• Task statement
Take the entries below and print, exactly, the stretch from the line containing "#91701=DIRECTION('',(0.,0.,-1.));" through the line containing "#112617=CARTESIAN_POINT('',(27.,0.,163.));", both included.
-------- Provided records
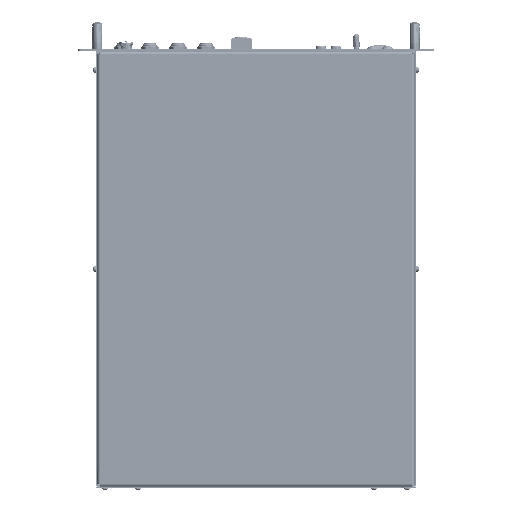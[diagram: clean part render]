
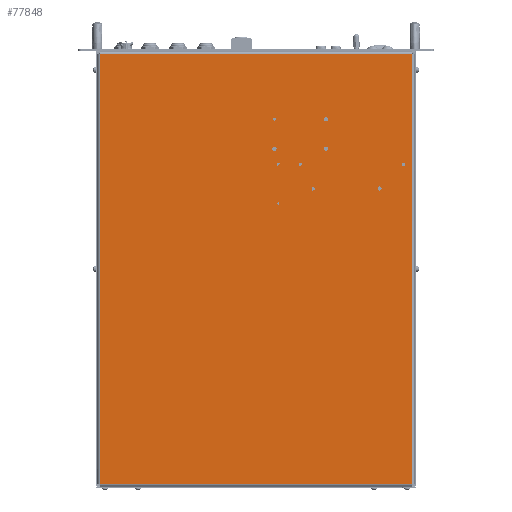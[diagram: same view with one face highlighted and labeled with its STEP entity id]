
A CAD part, front view. The second image highlights one B-rep face of the part: STEP entity #77848.
In plain terms, the highlighted planar face has unit normal (0, -1, 0).
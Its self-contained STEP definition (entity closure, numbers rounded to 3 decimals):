
#3781=FACE_BOUND('',#13418,.T.);
#3782=FACE_BOUND('',#13419,.T.);
#3783=FACE_BOUND('',#13420,.T.);
#3784=FACE_BOUND('',#13421,.T.);
#3785=FACE_BOUND('',#13422,.T.);
#3786=FACE_BOUND('',#13423,.T.);
#3787=FACE_BOUND('',#13424,.T.);
#3788=FACE_BOUND('',#13425,.T.);
#3789=FACE_BOUND('',#13426,.T.);
#3790=FACE_BOUND('',#13427,.T.);
#5541=CIRCLE('',#83008,2.);
#5543=CIRCLE('',#83011,2.);
#5545=CIRCLE('',#83014,2.);
#5547=CIRCLE('',#83017,2.);
#5549=CIRCLE('',#83020,1.5);
#5551=CIRCLE('',#83023,1.5);
#5553=CIRCLE('',#83026,2.);
#5555=CIRCLE('',#83029,2.);
#5557=CIRCLE('',#83032,2.);
#5559=CIRCLE('',#83035,2.);
#8941=FACE_OUTER_BOUND('',#13417,.T.);
#13417=EDGE_LOOP('',(#52910,#52911,#52912,#52913));
#13418=EDGE_LOOP('',(#52914));
#13419=EDGE_LOOP('',(#52915));
#13420=EDGE_LOOP('',(#52916));
#13421=EDGE_LOOP('',(#52917));
#13422=EDGE_LOOP('',(#52918));
#13423=EDGE_LOOP('',(#52919));
#13424=EDGE_LOOP('',(#52920));
#13425=EDGE_LOOP('',(#52921));
#13426=EDGE_LOOP('',(#52922));
#13427=EDGE_LOOP('',(#52923));
#18753=LINE('',#114082,#25822);
#18785=LINE('',#114323,#25854);
#18800=LINE('',#114424,#25869);
#18801=LINE('',#114426,#25870);
#25822=VECTOR('',#91623,10.);
#25854=VECTOR('',#91701,10.);
#25869=VECTOR('',#91752,10.);
#25870=VECTOR('',#91755,10.);
#32460=VERTEX_POINT('',#112617);
#32462=VERTEX_POINT('',#112623);
#32464=VERTEX_POINT('',#112629);
#32466=VERTEX_POINT('',#112635);
#32468=VERTEX_POINT('',#112641);
#32470=VERTEX_POINT('',#112647);
#32472=VERTEX_POINT('',#112653);
#32474=VERTEX_POINT('',#112659);
#32476=VERTEX_POINT('',#112665);
#32478=VERTEX_POINT('',#112671);
#32789=VERTEX_POINT('',#113776);
#32804=VERTEX_POINT('',#113937);
#32811=VERTEX_POINT('',#114081);
#32829=VERTEX_POINT('',#114315);
#40098=EDGE_CURVE('',#32460,#32460,#5541,.T.);
#40101=EDGE_CURVE('',#32462,#32462,#5543,.T.);
#40104=EDGE_CURVE('',#32464,#32464,#5545,.T.);
#40107=EDGE_CURVE('',#32466,#32466,#5547,.T.);
#40110=EDGE_CURVE('',#32468,#32468,#5549,.T.);
#40113=EDGE_CURVE('',#32470,#32470,#5551,.T.);
#40116=EDGE_CURVE('',#32472,#32472,#5553,.T.);
#40119=EDGE_CURVE('',#32474,#32474,#5555,.T.);
#40122=EDGE_CURVE('',#32476,#32476,#5557,.T.);
#40125=EDGE_CURVE('',#32478,#32478,#5559,.T.);
#40636=EDGE_CURVE('',#32811,#32804,#18753,.T.);
#40681=EDGE_CURVE('',#32789,#32829,#18785,.T.);
#40706=EDGE_CURVE('',#32811,#32829,#18800,.T.);
#40707=EDGE_CURVE('',#32804,#32789,#18801,.T.);
#52910=ORIENTED_EDGE('',*,*,#40636,.T.);
#52911=ORIENTED_EDGE('',*,*,#40707,.T.);
#52912=ORIENTED_EDGE('',*,*,#40681,.T.);
#52913=ORIENTED_EDGE('',*,*,#40706,.F.);
#52914=ORIENTED_EDGE('',*,*,#40098,.T.);
#52915=ORIENTED_EDGE('',*,*,#40101,.T.);
#52916=ORIENTED_EDGE('',*,*,#40104,.T.);
#52917=ORIENTED_EDGE('',*,*,#40107,.T.);
#52918=ORIENTED_EDGE('',*,*,#40110,.T.);
#52919=ORIENTED_EDGE('',*,*,#40113,.T.);
#52920=ORIENTED_EDGE('',*,*,#40116,.T.);
#52921=ORIENTED_EDGE('',*,*,#40119,.T.);
#52922=ORIENTED_EDGE('',*,*,#40122,.T.);
#52923=ORIENTED_EDGE('',*,*,#40125,.T.);
#75199=PLANE('',#83339);
#77848=ADVANCED_FACE('',(#8941,#3781,#3782,#3783,#3784,#3785,#3786,#3787,
#3788,#3789,#3790),#75199,.T.);
#83008=AXIS2_PLACEMENT_3D('',#112618,#90638,#90639);
#83011=AXIS2_PLACEMENT_3D('',#112624,#90645,#90646);
#83014=AXIS2_PLACEMENT_3D('',#112630,#90652,#90653);
#83017=AXIS2_PLACEMENT_3D('',#112636,#90659,#90660);
#83020=AXIS2_PLACEMENT_3D('',#112642,#90666,#90667);
#83023=AXIS2_PLACEMENT_3D('',#112648,#90673,#90674);
#83026=AXIS2_PLACEMENT_3D('',#112654,#90680,#90681);
#83029=AXIS2_PLACEMENT_3D('',#112660,#90687,#90688);
#83032=AXIS2_PLACEMENT_3D('',#112666,#90694,#90695);
#83035=AXIS2_PLACEMENT_3D('',#112672,#90701,#90702);
#83339=AXIS2_PLACEMENT_3D('',#114425,#91753,#91754);
#90638=DIRECTION('center_axis',(0.,1.,0.));
#90639=DIRECTION('ref_axis',(-1.,0.,0.));
#90645=DIRECTION('center_axis',(0.,1.,0.));
#90646=DIRECTION('ref_axis',(-1.,0.,0.));
#90652=DIRECTION('center_axis',(0.,1.,0.));
#90653=DIRECTION('ref_axis',(-1.,0.,0.));
#90659=DIRECTION('center_axis',(0.,1.,0.));
#90660=DIRECTION('ref_axis',(-1.,0.,0.));
#90666=DIRECTION('center_axis',(0.,1.,0.));
#90667=DIRECTION('ref_axis',(-1.,0.,0.));
#90673=DIRECTION('center_axis',(0.,1.,0.));
#90674=DIRECTION('ref_axis',(-1.,0.,0.));
#90680=DIRECTION('center_axis',(0.,1.,0.));
#90681=DIRECTION('ref_axis',(-1.,0.,0.));
#90687=DIRECTION('center_axis',(0.,1.,0.));
#90688=DIRECTION('ref_axis',(-1.,0.,0.));
#90694=DIRECTION('center_axis',(0.,1.,0.));
#90695=DIRECTION('ref_axis',(-1.,0.,0.));
#90701=DIRECTION('center_axis',(0.,1.,0.));
#90702=DIRECTION('ref_axis',(-1.,0.,0.));
#91623=DIRECTION('',(0.,0.,1.));
#91701=DIRECTION('',(0.,0.,-1.));
#91752=DIRECTION('',(-1.,0.,0.));
#91753=DIRECTION('center_axis',(0.,-1.,0.));
#91754=DIRECTION('ref_axis',(0.,0.,-1.));
#91755=DIRECTION('',(-1.,0.,0.));
#112617=CARTESIAN_POINT('',(27.,0.,163.));
#112618=CARTESIAN_POINT('Origin',(25.,0.,
163.));
#112623=CARTESIAN_POINT('',(97.,0.,203.));
#112624=CARTESIAN_POINT('Origin',(95.,0.,
203.));
#112629=CARTESIAN_POINT('',(202.5,0.,142.));
#112630=CARTESIAN_POINT('Origin',(200.5,0.,142.));
#112635=CARTESIAN_POINT('',(169.5,0.,109.));
#112636=CARTESIAN_POINT('Origin',(167.5,0.,109.));
#112641=CARTESIAN_POINT('',(31.5,0.,142.));
#112642=CARTESIAN_POINT('Origin',(30.,0.,142.));
#112647=CARTESIAN_POINT('',(31.5,0.,88.7));
#112648=CARTESIAN_POINT('Origin',(30.,0.,88.7));
#112653=CARTESIAN_POINT('',(79.5,0.,109.));
#112654=CARTESIAN_POINT('Origin',(77.5,0.,
109.));
#112659=CARTESIAN_POINT('',(62.5,0.,142.));
#112660=CARTESIAN_POINT('Origin',(60.5,0.,142.));
#112665=CARTESIAN_POINT('',(97.,0.,163.));
#112666=CARTESIAN_POINT('Origin',(95.,0.,
163.));
#112671=CARTESIAN_POINT('',(27.,0.,203.));
#112672=CARTESIAN_POINT('Origin',(25.,0.,
203.));
#113776=CARTESIAN_POINT('',(-211.,0.,291.));
#113937=CARTESIAN_POINT('',(211.,0.,291.));
#114081=CARTESIAN_POINT('',(211.,0.,-291.));
#114082=CARTESIAN_POINT('',(211.,0.,-141.369));
#114315=CARTESIAN_POINT('',(-211.,0.,-291.));
#114323=CARTESIAN_POINT('',(-211.,0.,149.631));
#114424=CARTESIAN_POINT('',(0.,0.,
-291.));
#114425=CARTESIAN_POINT('Origin',(0.,0.,
8.262));
#114426=CARTESIAN_POINT('',(0.,0.,291.));
----------------
• Task solution
#91701=DIRECTION('',(0.,0.,-1.));
#91752=DIRECTION('',(-1.,0.,0.));
#91753=DIRECTION('center_axis',(0.,-1.,0.));
#91754=DIRECTION('ref_axis',(0.,0.,-1.));
#91755=DIRECTION('',(-1.,0.,0.));
#112617=CARTESIAN_POINT('',(27.,0.,163.));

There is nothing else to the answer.